Johnny clamped the kid’s hand and patted his arm. ‘Good to meet you, mate. Back in a second.’
Jake and Donnelly stood there and watched Johnny bounce into the crowd. The way his hair moved, the shimmy could have been created for a shampoo ad. Johnny’s hair always looked like that… when it hadn’t been washed. Usually, he wore it lacquered-up and back-combed into a quiff mountain.
Donnelly said, ‘I seen you around together loads. Not recently, though.’
Jake told him, ‘No. He’s been staying in Berlin – cornering the European pornography market.’
Donnelly looked puzzled, but didn’t bother with a question, ‘Right. Do you want another Pils?’
Jake had nearly finished his drink. Speed gave him such a thirst he wouldn’t even notice he was ripped until the sixth or seventh bottle.
‘Yeah, same again.

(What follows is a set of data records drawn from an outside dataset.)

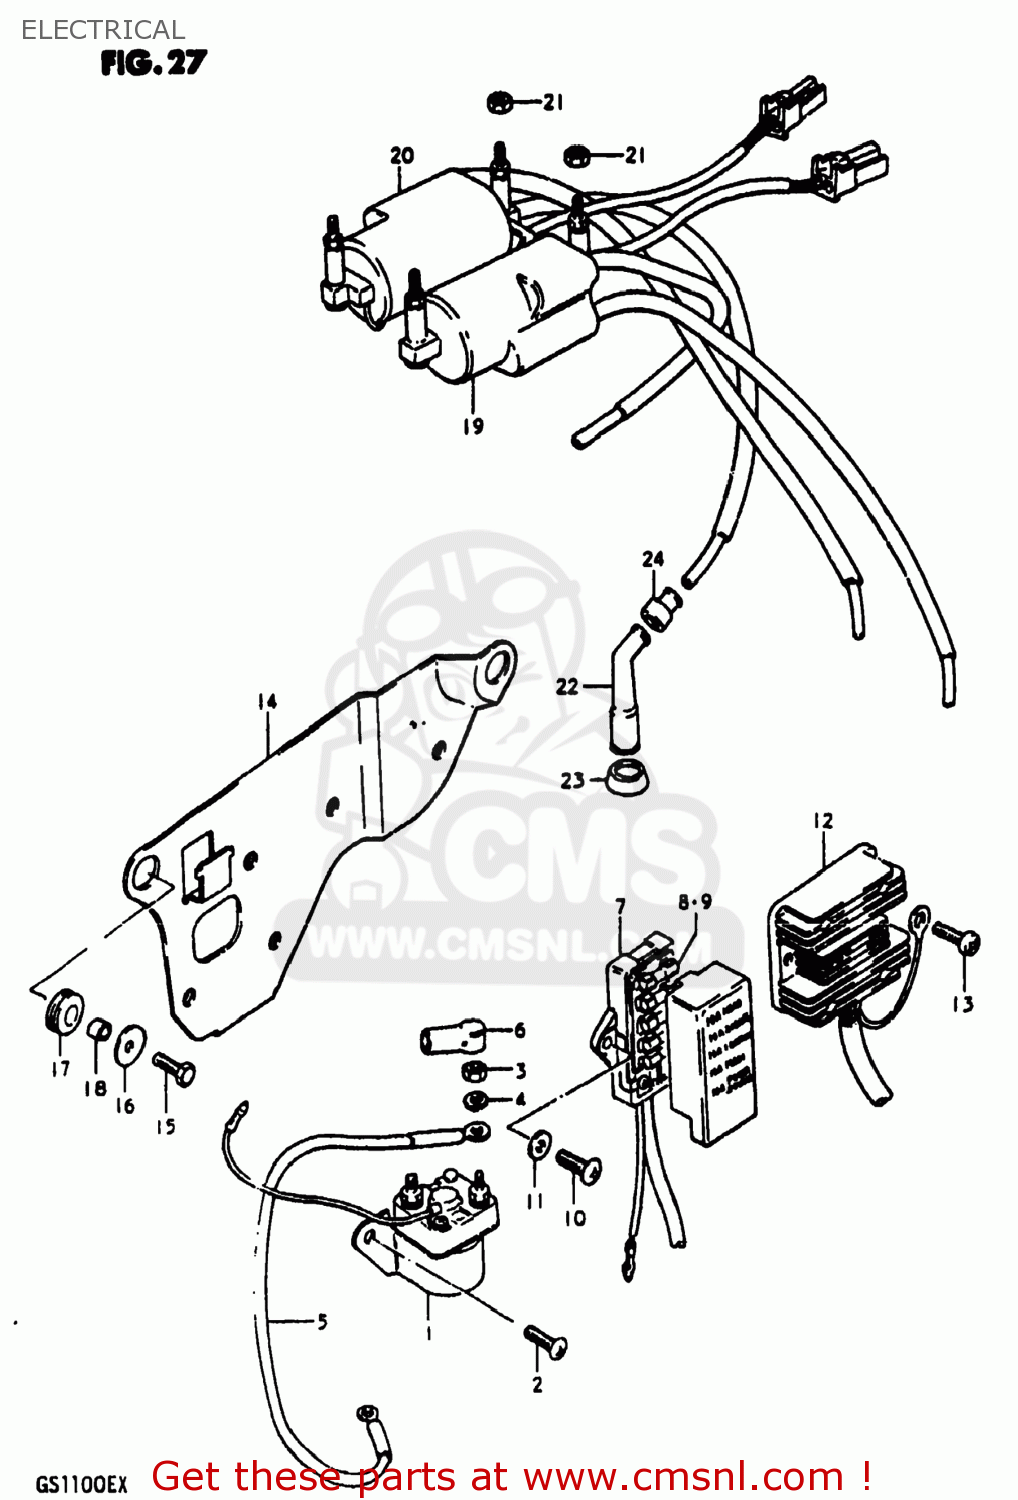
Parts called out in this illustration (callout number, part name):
1	RELAY ASSY,STARTING MOTOR
2	SCREW
3	NUT 6MM
4	LOCK WASHER
5	WIRE,STARTER MOTOR LEAD
6	CAP,STARTER RELAY
7	BOX ASSEMBLY,FUSE
8	FUSE(10A)
9	FUSE(15A)
10	SCREW
11	WASHER
12	RECTIFIER ASSEMBLY
13	SCREW 6X12
14	PLATE,ELECTRIC PARTS HOLDER
15	BOLT, UPPER
16	WASHER
17	CUSHION
18	SPACER (7X9X7)
19	COIL ASSEMBLY,IGNITION
20	COIL ASSEMBLY,IGNITION
21	NUT
22	CAP ASSY,SPARK PLUG
23	SEAL,SPARK PLUG
24	SEAL,SPARK PLU
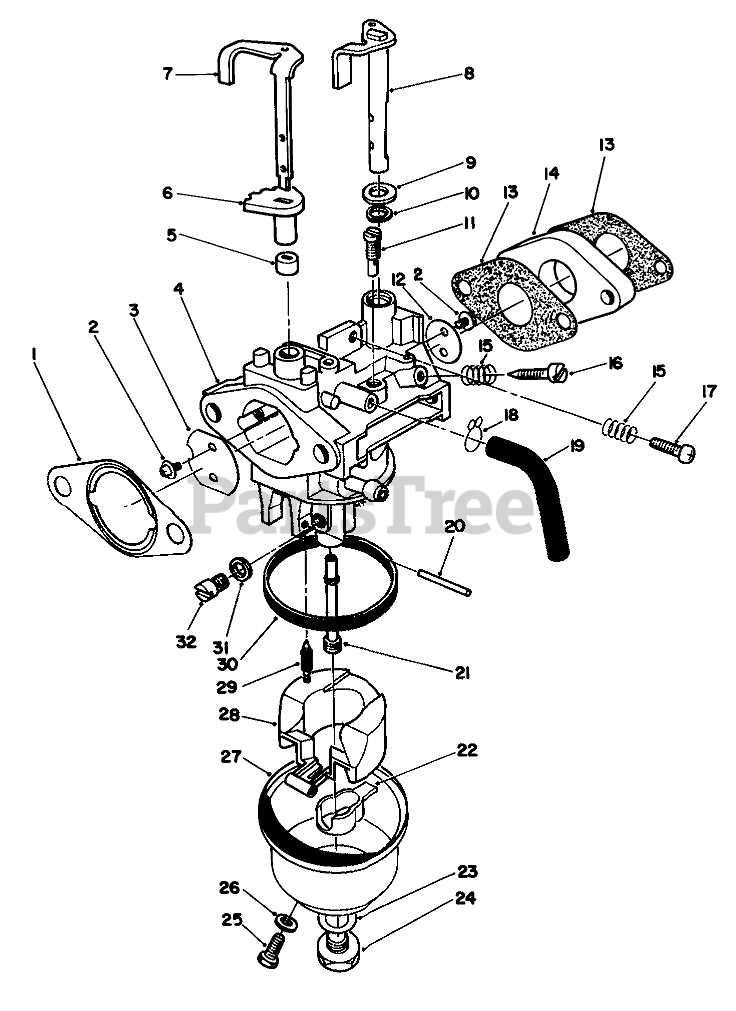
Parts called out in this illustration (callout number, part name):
1	GASKET F/W ENGINE
2	Screw
3	VALVE
4	Body-Carburetor
5	LOWER CHOKE RING
6	UPPER CHOKE RING
7	SHAFT
8	SHAFT
9	WASHER
10	Seal-Throttle Shaft
11	JET - PILOT
12	VALVE
13	GASKET INTAKE
14	INSULATOR - CARB.
15	SPRING-PILOT SCREW
16	ADJUSTER
17	SCREW
18	CLAMP
20	Pin
21	NOZZLE - MAIN
22	SPACER
23	GASKET
24	SCREW
25	SCREW
26	GASKET
28	FLOAT
29	NEEDLE
30	FLOAT BOWL GASKET
31	SPACER
32	JET - MAIN
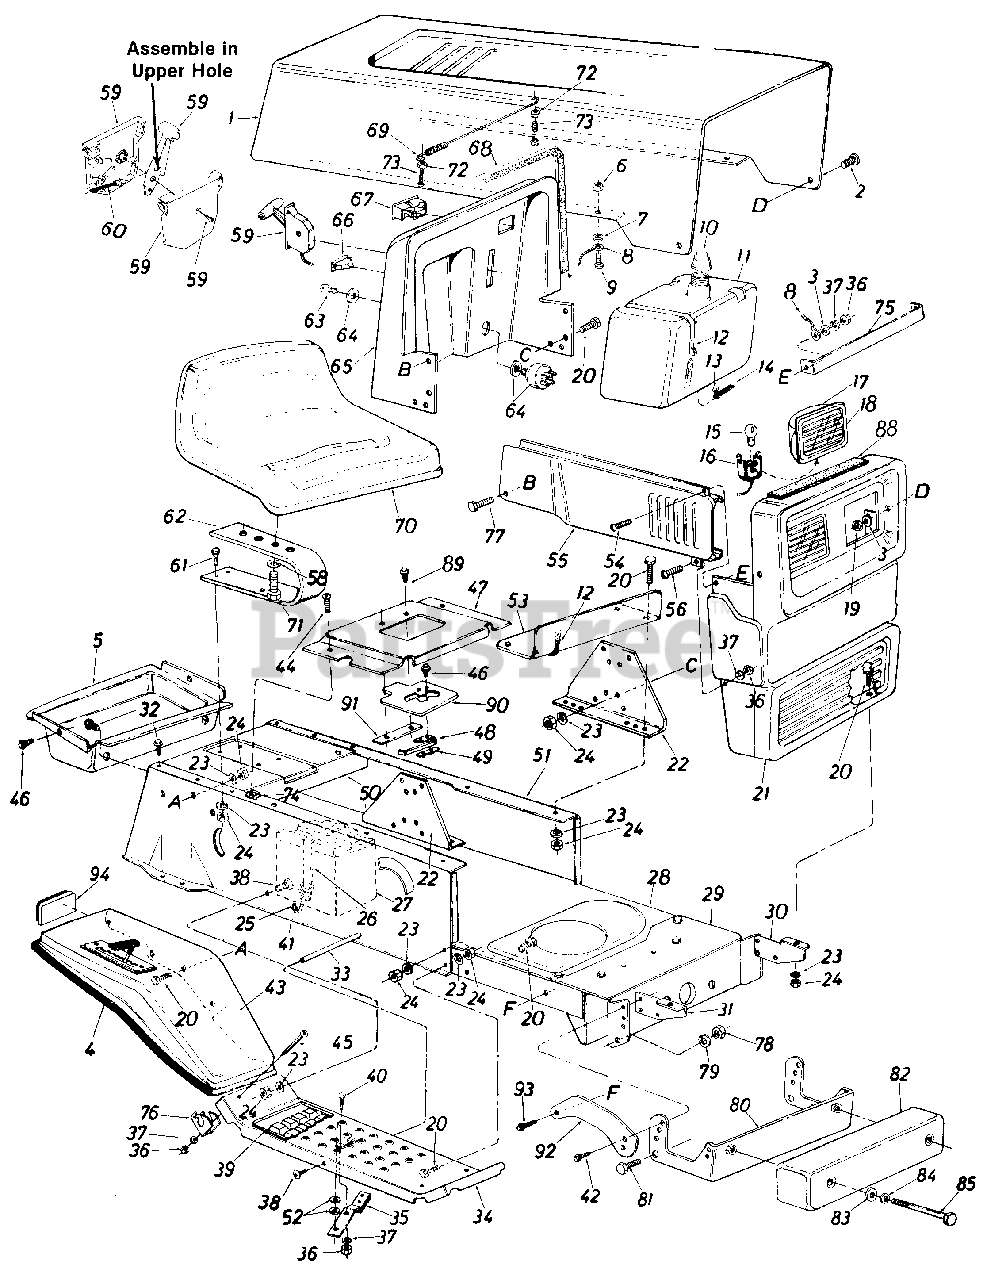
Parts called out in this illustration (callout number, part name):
1	Hood
2	Truss Hex Scr. 1/4-20 x .62" Lg.
3	Fl-Wash. .296" I.D. x .62" O.D.
4	Trim Strip 27"
5	Tool Tray
6	Hex Sems Nut #10-24 Thd.
7	Fl-Wash. .203" I.D. x .41" O.D. x .040
8	Hood Stop
9	Truss Hd. Scr. #10-24 x 1/2" Lg.*
10	Fuel Cap Gauge
11	Fuel Tank
12	Tie Strap
13	Hose Clamp
14	Fuel Line
15	Lam p
16	Socket
17	Headlight Housing
18	Lens
19	Hex L-Nut 1/4-20 Thd.
20	Hex Bolt 5/16-18 x .75" Lg.
21	Grille
22	Dash Support Bracket
23	L-Wash. 5/16" I.D.
24	Hex Nut 5/16-18 Thd.
25	Battery Strap Hook
26	Battery Hold Down Strap
27	12V Battery
28	Lower Frame
29	Front Pivot Brk't.
30	Grille Mount Brk't L.H.
33	Running Board Rod
34	Running Board
35	Blade Brake Ass'y.
36	Hex Nut 1/4-20 Thd.
37	L-Wash. 1/4" I.D.
38	Truss Mach. Scr. 5/16-18 x .75" Lg.
39	Foot Pad
40	Carriage Bolt 1/4-20 x .62" Lg.
41	R.H. Side Frame
42	Hex Wash. Hd. TT-Tap Scr. 5/16 x 1.0" Lg.
45	Truss Hd. Scr. 1/4-20 x 1.75" Lg.
46	Truss Hd. Scr. #10-24 x .50"
47	Transmission Panel
48	Reverse Safety Switch
49	Insulator Nut Plate
50	Hitch Plate
51	L.H. Side Frame
52	Fl-Wash. .28" I.D. x .75" O.D. x .06
53	Fuel Tank Support
54	Truss Hd. Scr. 1/4-20 x .75" Lg.*
55	Side Cover R.H.
56	Truss Mach. Scr. 1/4-20 x .50" Lg.
58	L-Wash. 1/2" I.D.
59	Throttle Control Box Ass'y.
60	Throttle Control Wire
61	Hex Bolt 5/16-18 x 1.00" Lg.*
62	Seat Spring 5.5" High
63	Ignition Key
64	Ignition Switch
65	Dash Panel
66	Light Switch
67	Ammeter
68	Trim Strip 27"
69	Hood Spring
70	Seat Ass'y.
71	Hex Bolt 1/2-13 x 1.0" Lg.
72	Hex Top L-Nut #10-24
73	Hex Bolt #10-24 x 1.0" Lg.
74	Speed Nut #10Z
75	Tie Strap GrillelSide Panel
76	Fender Clamp
77	Hex Wash. Hd. Tap Scr. 1/4 x .75" Lg.
78	Hex Nut 7/16-14 Thd.
79	L-Wash. 7/16" I.D.
80	Weight Brk't. Ass'y.
81	Hex Bolt 7/16-14 x 1.0" Lg.
82	Counter Weight 38#
83	Fl-Wash. .39" I.D.
84	Bell-Wash. .39" I.D.
85	Hex Bolt 3/8-16 x 4.5" Lg.
88	Foam Strip 3/8 x 1 x 14" Lg.
89	Truss Mach. Scr. 1/4-20 x .75" Lg.
90	Gear Selection Plate
91	Clamping Plate
92	Weight Brk't. Tie Strap
93	Hex Wash. Hd. Tap Screw 3/8-16 x .88" Lg.
94	Reflector
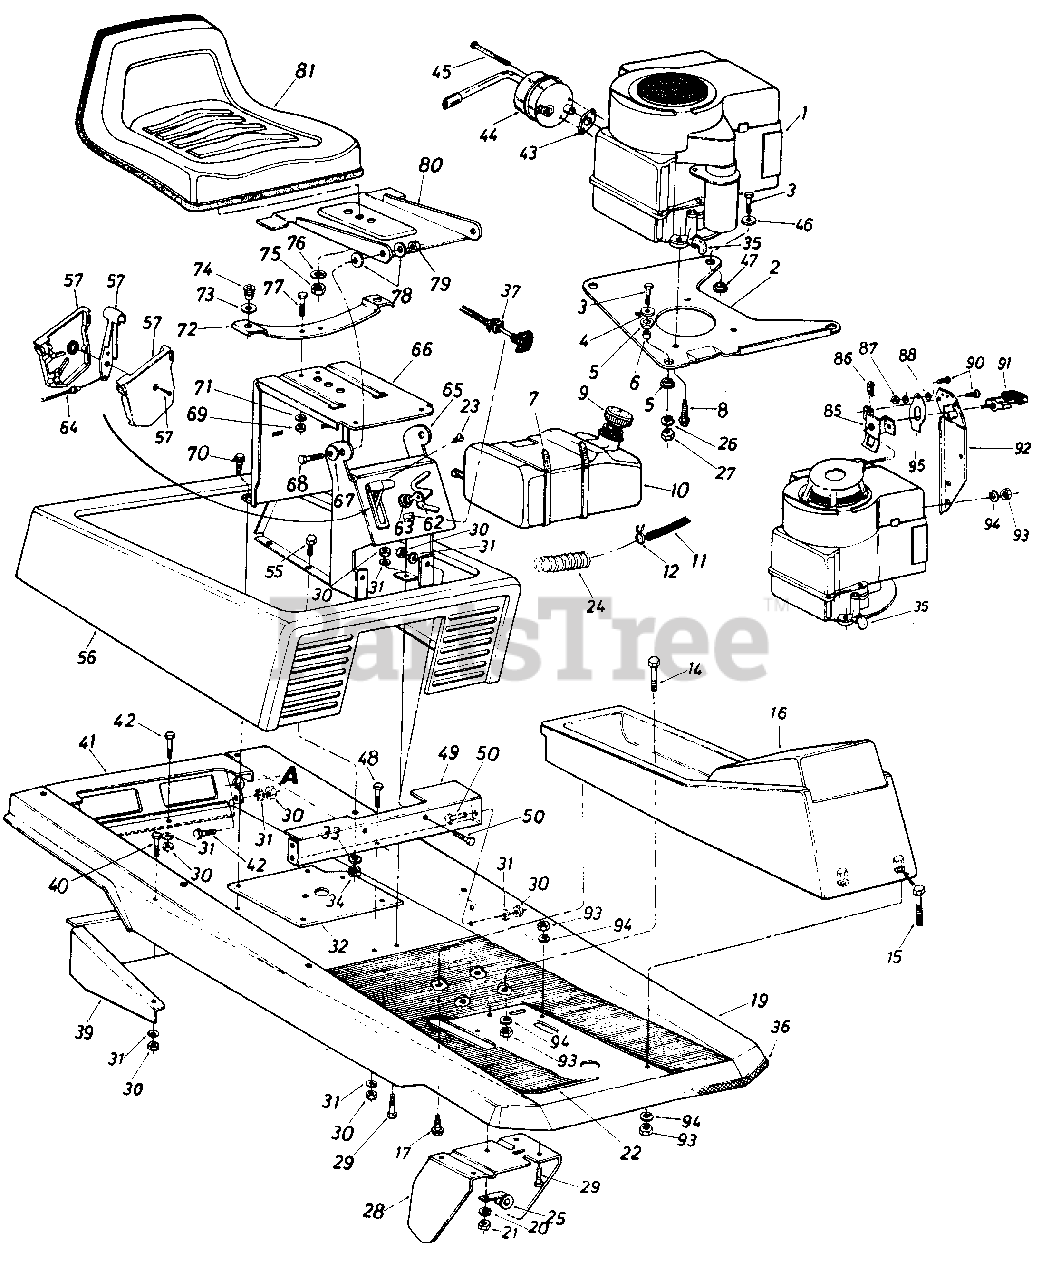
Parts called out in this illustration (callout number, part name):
1	Engine
2	Engine Mounting Plate
3	Hex Bolt 5/16-24 x 1.25" Lg.
4	Fl-Wash. .330" I.D. x 1.125" O.D.
5	Engine Mounting Grommet
6	Spacer .315" I.D. x .50" O.D. x .520" Lg.
7	Cable Tie 30.6 Lg.
8	Hex Wash. Hd. Self-Tap Scr. 3/8-16 x 1.25" Lg.
9	Gas Gauge
10	Fuel Tank
11	Gas Line
12	Hose Clamp-.406" Dia.
14	Hex Bolt 5/16-18 x 1.75" Lg.*
15	Hex Bolt 5/16-18 x 2.0" Lg.*
16	Front Console
17	Plastite Scr. 5/8 x 1.25"
19	Main Frame
20	L-Wash. 5/16" I.D.*
21	Hex Nut 5/16-18 Thd.*
22	Floor Mat
23	Truss Mach. AB-Tap Scr. #10 x .50" Lg.
24	Convoluted Conduit
26	L-Wash. 5/16" I.D.*
27	Hex Nut 5/16-24 Thd.*
28	Clutch-Brake Pedal Ass'y.
29	Hex Bolt 5/16-18 x .75" Lg*
30	Hex Nut 5/16-18 Thd.*
31	L-Wash. 5/16" I.D.*
32	Mounting Brkt. Variable Speed Pulley
33	L-Wash. 1/4" I.D.*
34	Hex Nut 1/4-20 Thd.*
35	90ø Elbow Male To Female
36	Trim Strip 18" Lg.
37	Choke Control
39	Transaxle Support Ass'y.
40	Hex Bolt 5/16-18 x .75" Lg.*
43	Exhaust Gasket (8 H.P.)
44	Muffler Ass'y. (8 H.P.)
45	Shld. Bolt (8 H.P.)
46	Fl-Wash. .330" I.D. x 1.25" O.D.
47	Flange Wash. .320" I.D. x .750" O.D.
49	Seat Support & Frame Brkt.
50	Hex Bolt 5/16-18 x .75" Lg.*
55	Hex Bolt 1/4-20 x .50" Lg.**
56	Engine Cover Ass'y.
57	Throttle Control Box Ass'y.
62	Ignition Key
63	Ignition Switch
64	Throttle Control Wire
65	Front Seat Bracket
66	Rear Seat Bracket
67	Bell-Wash. .345" I.D. x .88" O.D.
68	Hex Bolt 5/16-18 x .75" Lg.
69	Hex Nut 5/16-18 Thd.
70	Hex Self-Tap Scr. 5/16-18 x .75" Lg.
71	L-Wash. 1/4" I.D.
72	Seat Spring
73	Fl-Wash. .531" I.D. x .930" O.D.
75	Hex Wash. Hd. Tap Scr. 3/8-16 x 3/4" Lg.
76	L-Wash. 1/2" I.D.*
77	Hex Bolt 1/4-20 x .75" Lg.
78	Bell-Wash. .345" I.D. x .88" O.D.
79	Hex Cent. L-Nut 5/16-18 Thd.
80	Seat Pivot Bracket
81	Seat Ass'y. Comp.
93	Hex Nut 5/16-18 Thd.*
94	L-Wash. 5/16" I.D.*
15571-0629	PANEL-FRAM - SILVER FLAKE (0629)
15571-0638	PANEL-FRAM - MTD/TROY-BILT RED (0638)
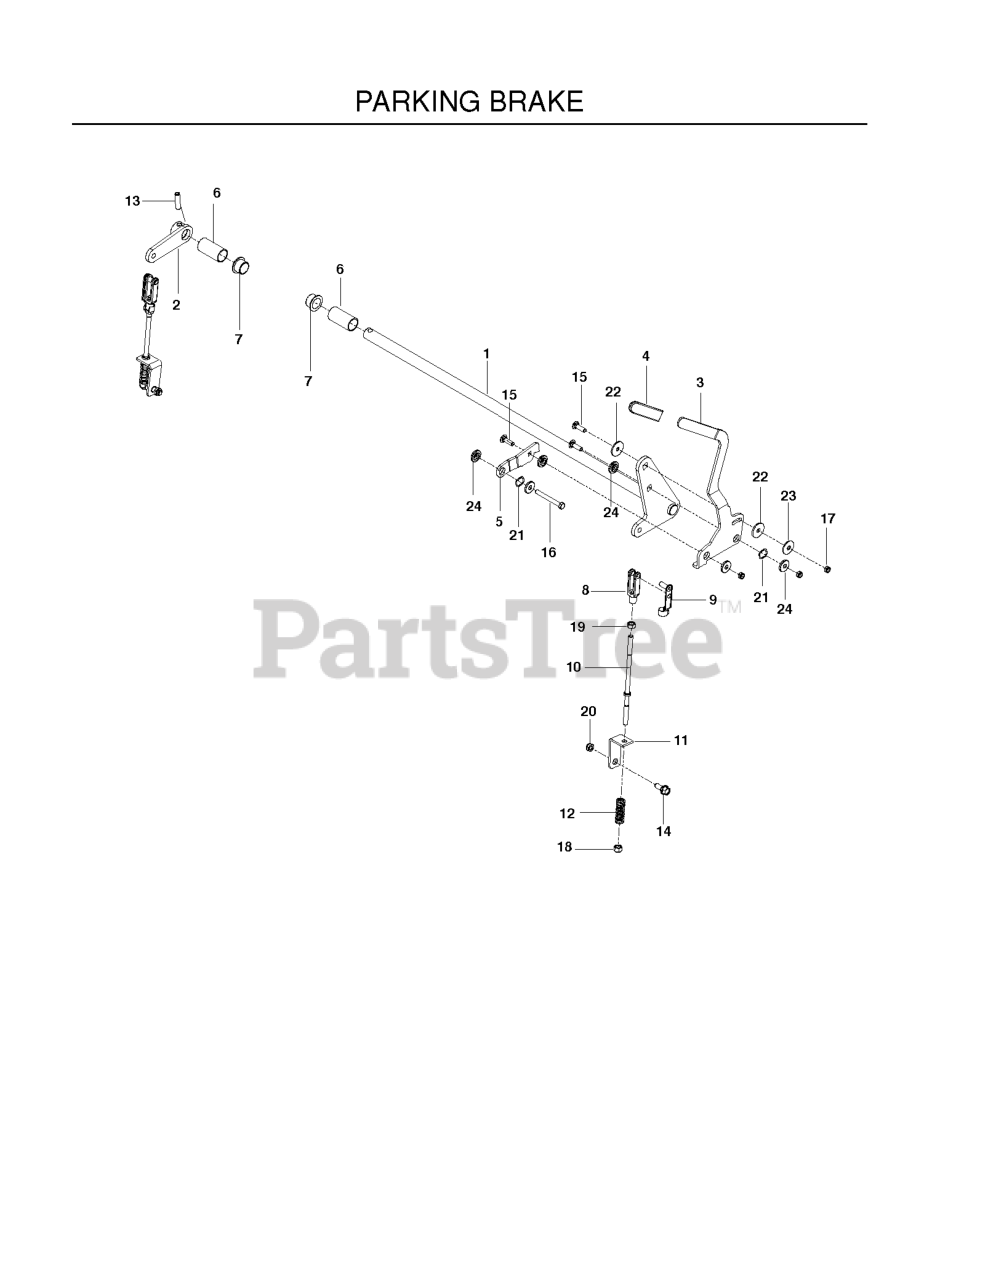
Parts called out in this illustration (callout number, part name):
1	SHAFT, BRAKE, WELDED
2	ARM, BRAKE, RT
3	LEVER.BRAKE.BLACK
5	LINK, FOLLOWER
6	SPACER, SHAFT, BRAKE
7	BEARING, FLANGE
8	YOKE 5/16 ADJ CLEVIS
9	PIN, CLEVIS SPRING, 3/8
10	LINKAGE, BRAKE
11	BRKT, BRAKE, BLK
12	SPRING, ENGAGEMENT
13	5/16 DIA ROLL PIN
14	BOLT, SHOULDER
15	RHSNB 3/8-16 X 1-1/4
16	HCS 3/8-16 X 3-1/4 GR5 ZD
17	NUT HEX 3/8-16 NYLON, THIN
18	NUT 5/16F NYLOC
20	5/16-18 THIN PROF NY
21	WASHER, .825 X 1.087, WAVE
22	WASHER, FRICTION, 1/8
23	CONE WASHER
24	BUSHING, BRAKE

And get one for Johnny.’
Donnelly disappeared. Jake could either stand there, alone, or he could follow Johnny round the dance-floor and into the gents. The toilets were impossibly small. Or was that cosy? Just one cubicle, a two-man
tin urinal and a basin so small you could wash one finger at a time, maximum. When Jake got there, he had to wait for a guy to zip up and leave. He spent it usefully, putting in some time at the washbasin mirror. As the guy left, he tapped on the cubicle door.
‘Open up, it’s me.’
The bolt slid back. Jake watched the disc swivel from red to white and pushed on the open door. Johnny was straddling the toilet, a Pips membership card in his hand and the speed laid out on the porcelain cistern top. Jake rebolted the door and asked if there was much left.
‘Yeah, I couldn’t believe it. I thought you’d leave nothing but the glucose; snort all the speed from around it ’
There was a joke that Jake was tight-fisted. Or, rather, it wasn’t a joke but Johnny had enough charm to make a joke of it.
Jake watched as Johnny rolled a something-denomination Deutschmark note into a tube, took a breath, and whooshed the speed down: it took him just two smooth goes. He finished by wiping the side of his Pips card down his tongue, grinning while he did it. It was true, there had been plenty left. Paulo always gave good deals.
Jake said, ‘It taste better with foreign money?’
Johnny opened out the note and licked across its surface in two fat tongue swipes. He pulled a face and considered the question. ‘Actually, no. I got to say, it just doesn’t do it for me.’
Jake laughed.
‘I’m serious, mate. They’re smaller, they’re printed on crappier paper and they don’t have the Queen’s head. It’s just not the same.’ As he was talking he passed over the empty wrap. Jake screwed it up and popped it in his mouth, chewing the dregs out of it.
As they left the cubicle, a guy looked over from the urinal and threw an arch look, backed up with a grin. Jake ignored him but Johnny grinned back, telling him to put it away – this was a no-small-dick zone.